Originally Posted by Pizzatheaction:
“When the BBC and ITV divvy up the matches in a tournament like this, is it part of the agreement that, soaps aside, the only opposition to the other channel's evening football match will be repeats?
Soaps apart, the BBC and ITV always seem to show repeat programming against the football, even if low profile teams are playing.”
Venturing massively off-thread, but the BBC & ITV only divvy up the games once the draws are made, so they very much decide it by actual games rather than "we'll do Tuesday, you do Wednesday". And I wouldn't have expected any deal on what can be shown opposite the football - I think what you've picked up on is that after the group games (where the rights have been divvied up months earlier as the first round fixtures are all known), the knock out games are only known days beforehand and therefore who shows what can only be decided at the eleventh hour - too late for listings magazines. Hence the "alternative schedules" being published - and being subject to change, there's more likelihood of repeats being stuffed in (and easily moved).
The BBC and ITV have a contract which governs their bids for the rights to tournaments. This includes a process by which games will be shared out - broadly, consensus through negotiation and if that fails, some other process to have the games determined. Could come down to a toss of a coin I suppose. They always end up doing a deal, although the negotiations can be very protracted and take several weeks of long drawn out meetings.
What usually puts the cat among the pigeons is that England are only ever guaranteed 3 games - so they can't split that equally between them. What usually seems to happen is that ITV get 2 out of the 3 with BBC taking a punt on England getting through to the 2nd round and having the rights to that. In World Cup '06, the BBC ended up with the rights to England's round 2 and QF games, so got 3 England games to ITV's 2 overall. As a result of that, ITV took the midweek 8pm Sweden game - which won the biggest TV audience of 2006 - and the BBC conceded the rights to some other big group games to ITV. And (had England got through), the right to show both semi finals - the England match simulcast on both sides, but only ITV1 showing the other one. As they got knocked out, they took one each, with first pick to ITV.

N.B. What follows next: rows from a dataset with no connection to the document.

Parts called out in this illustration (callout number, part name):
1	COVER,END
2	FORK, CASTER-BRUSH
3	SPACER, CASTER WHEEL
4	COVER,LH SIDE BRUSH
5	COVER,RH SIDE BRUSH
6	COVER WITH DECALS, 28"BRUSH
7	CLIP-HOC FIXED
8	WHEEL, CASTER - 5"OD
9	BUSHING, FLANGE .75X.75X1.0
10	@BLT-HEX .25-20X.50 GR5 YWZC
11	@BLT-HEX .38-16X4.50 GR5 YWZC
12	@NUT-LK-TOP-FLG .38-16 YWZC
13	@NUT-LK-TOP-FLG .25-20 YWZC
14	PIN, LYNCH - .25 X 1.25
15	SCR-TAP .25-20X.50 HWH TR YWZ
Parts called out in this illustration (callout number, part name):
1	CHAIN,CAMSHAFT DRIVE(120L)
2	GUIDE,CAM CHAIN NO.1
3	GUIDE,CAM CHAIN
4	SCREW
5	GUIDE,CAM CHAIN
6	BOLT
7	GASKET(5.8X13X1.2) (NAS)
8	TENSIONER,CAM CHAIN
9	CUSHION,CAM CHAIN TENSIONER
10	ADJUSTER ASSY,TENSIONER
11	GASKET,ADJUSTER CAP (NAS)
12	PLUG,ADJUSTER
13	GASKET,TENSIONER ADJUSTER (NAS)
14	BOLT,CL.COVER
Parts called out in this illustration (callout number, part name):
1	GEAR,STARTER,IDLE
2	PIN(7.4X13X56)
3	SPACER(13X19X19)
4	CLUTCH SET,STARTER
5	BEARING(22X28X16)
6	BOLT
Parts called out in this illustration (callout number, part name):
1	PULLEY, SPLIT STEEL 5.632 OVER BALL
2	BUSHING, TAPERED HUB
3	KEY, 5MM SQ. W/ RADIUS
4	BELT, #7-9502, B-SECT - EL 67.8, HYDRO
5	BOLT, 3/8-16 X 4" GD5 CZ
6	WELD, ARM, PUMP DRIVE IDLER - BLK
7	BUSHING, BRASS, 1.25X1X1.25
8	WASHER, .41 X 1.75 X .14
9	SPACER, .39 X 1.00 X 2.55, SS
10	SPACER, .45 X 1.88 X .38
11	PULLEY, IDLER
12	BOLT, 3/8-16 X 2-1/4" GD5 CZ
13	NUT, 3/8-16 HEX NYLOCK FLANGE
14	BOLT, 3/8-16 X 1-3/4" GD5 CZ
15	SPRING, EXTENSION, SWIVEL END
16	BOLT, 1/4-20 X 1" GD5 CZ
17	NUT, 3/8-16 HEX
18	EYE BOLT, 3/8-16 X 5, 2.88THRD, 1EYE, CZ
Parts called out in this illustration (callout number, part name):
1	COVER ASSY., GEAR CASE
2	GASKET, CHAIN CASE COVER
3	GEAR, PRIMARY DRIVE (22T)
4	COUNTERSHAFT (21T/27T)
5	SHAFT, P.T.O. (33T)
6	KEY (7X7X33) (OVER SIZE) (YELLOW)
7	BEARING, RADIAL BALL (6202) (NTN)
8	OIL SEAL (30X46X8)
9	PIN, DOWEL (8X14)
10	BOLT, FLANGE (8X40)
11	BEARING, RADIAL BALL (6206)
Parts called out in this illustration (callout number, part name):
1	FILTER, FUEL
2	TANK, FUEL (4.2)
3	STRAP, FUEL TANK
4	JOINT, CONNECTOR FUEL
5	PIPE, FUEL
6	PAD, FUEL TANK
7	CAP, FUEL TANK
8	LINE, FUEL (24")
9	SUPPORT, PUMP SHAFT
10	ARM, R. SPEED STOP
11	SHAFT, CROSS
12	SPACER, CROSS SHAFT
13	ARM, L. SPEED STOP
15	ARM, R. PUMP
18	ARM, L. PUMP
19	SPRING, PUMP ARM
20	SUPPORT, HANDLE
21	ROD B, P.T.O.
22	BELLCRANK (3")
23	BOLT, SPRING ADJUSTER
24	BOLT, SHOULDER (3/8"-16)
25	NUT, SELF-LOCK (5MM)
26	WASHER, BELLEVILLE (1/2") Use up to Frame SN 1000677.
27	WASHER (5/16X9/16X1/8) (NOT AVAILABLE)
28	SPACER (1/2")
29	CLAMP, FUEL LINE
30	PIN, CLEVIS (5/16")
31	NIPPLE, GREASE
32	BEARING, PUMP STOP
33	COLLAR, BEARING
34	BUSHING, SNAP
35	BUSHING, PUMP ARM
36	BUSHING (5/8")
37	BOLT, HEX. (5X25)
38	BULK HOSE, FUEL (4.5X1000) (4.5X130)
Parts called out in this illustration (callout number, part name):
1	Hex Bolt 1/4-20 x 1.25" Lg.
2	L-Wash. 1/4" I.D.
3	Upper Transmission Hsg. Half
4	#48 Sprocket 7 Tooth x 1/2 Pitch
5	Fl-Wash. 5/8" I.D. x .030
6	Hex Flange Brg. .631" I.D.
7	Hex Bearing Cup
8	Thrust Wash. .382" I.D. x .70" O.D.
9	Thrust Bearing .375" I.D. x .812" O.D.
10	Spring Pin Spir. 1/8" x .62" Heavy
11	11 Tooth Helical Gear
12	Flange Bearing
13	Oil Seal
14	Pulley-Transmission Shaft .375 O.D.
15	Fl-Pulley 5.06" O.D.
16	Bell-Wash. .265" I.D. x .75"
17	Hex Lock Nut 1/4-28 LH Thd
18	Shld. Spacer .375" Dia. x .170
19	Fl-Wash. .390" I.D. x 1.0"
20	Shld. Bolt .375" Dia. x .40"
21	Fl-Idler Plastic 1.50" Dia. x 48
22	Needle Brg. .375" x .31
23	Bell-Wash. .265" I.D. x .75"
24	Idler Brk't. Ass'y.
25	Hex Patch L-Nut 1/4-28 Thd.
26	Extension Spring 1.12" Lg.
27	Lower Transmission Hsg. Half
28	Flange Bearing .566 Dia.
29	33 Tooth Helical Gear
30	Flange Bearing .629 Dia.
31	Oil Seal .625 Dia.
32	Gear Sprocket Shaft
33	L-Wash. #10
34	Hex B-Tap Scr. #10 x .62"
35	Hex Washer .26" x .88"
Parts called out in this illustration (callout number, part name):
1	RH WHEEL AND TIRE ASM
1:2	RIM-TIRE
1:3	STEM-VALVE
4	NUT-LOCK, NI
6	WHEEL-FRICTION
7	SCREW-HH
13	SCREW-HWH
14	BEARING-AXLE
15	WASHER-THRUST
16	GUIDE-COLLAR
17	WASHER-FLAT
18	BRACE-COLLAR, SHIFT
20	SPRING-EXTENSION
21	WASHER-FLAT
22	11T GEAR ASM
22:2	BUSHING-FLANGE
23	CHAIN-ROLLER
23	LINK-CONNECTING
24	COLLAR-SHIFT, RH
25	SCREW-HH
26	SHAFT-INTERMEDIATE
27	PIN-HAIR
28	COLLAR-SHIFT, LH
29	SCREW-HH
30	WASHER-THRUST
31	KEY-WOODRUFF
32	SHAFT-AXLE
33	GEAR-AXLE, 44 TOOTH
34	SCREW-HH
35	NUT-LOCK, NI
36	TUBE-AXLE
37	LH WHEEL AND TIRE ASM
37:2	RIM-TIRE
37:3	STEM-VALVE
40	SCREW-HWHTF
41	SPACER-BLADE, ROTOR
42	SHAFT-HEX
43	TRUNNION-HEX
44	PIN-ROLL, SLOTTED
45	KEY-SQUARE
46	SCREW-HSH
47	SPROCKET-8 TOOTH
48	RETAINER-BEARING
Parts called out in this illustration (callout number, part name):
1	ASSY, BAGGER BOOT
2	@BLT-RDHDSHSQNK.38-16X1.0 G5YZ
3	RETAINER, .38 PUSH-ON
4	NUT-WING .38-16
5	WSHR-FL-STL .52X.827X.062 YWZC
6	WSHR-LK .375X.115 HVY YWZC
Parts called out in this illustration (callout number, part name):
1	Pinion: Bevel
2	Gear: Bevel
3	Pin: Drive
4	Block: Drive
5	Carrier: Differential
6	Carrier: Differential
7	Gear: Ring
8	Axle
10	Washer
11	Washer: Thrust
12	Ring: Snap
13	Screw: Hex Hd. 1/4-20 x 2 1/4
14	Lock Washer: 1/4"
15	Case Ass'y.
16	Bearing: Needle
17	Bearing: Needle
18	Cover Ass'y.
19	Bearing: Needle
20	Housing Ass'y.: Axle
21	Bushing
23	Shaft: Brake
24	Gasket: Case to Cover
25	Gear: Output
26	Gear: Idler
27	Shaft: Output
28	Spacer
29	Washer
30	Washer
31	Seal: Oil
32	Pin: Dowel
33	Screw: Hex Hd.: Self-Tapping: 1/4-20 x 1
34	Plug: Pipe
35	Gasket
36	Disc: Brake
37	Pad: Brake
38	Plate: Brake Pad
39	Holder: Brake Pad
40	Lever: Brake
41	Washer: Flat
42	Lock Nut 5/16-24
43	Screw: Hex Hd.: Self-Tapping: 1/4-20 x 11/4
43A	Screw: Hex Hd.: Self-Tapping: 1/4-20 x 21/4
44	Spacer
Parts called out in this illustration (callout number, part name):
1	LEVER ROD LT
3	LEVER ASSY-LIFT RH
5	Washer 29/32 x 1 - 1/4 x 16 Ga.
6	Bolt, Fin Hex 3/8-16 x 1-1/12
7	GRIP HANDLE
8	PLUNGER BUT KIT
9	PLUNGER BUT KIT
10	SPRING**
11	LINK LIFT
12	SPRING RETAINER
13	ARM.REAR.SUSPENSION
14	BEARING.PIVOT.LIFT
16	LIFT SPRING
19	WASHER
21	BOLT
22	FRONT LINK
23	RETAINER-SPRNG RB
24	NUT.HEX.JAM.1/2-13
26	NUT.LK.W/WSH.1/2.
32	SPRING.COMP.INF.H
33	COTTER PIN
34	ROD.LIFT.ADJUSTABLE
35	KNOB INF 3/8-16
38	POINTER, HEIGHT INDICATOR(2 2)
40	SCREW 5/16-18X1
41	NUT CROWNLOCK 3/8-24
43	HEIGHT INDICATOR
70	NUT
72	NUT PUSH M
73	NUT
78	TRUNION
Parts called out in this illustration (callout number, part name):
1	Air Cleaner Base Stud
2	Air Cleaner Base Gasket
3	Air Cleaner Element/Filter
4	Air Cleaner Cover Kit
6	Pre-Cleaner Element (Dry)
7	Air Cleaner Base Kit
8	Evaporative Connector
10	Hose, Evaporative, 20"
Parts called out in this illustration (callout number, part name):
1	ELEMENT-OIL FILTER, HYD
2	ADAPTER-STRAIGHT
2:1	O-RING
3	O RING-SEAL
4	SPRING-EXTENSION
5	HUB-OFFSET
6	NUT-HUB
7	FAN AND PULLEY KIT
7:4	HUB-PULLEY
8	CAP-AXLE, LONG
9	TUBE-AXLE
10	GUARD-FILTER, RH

All this is academic for next year - sadly, and tragically - so it should be a more straightforward divvying-up, with possibly more attention paid to fitting around regular schedules and a "we'll take France v Germany, you take Holland v Italy" approach.
Either way, I would think the ratings will be depressed. There just won't be the pre-tournament hype and build-up without England there. But talk of moving matches to BBC2 or ITV2 is nonsense - it will still bring in massive numbers of viewers next June, and don't forget that the BBC/ITV have together paid something like £80m (is it?) for the joint rights to this, so no way they dump any of it on lesser watched channels. And they'll happily move their soaps to do so.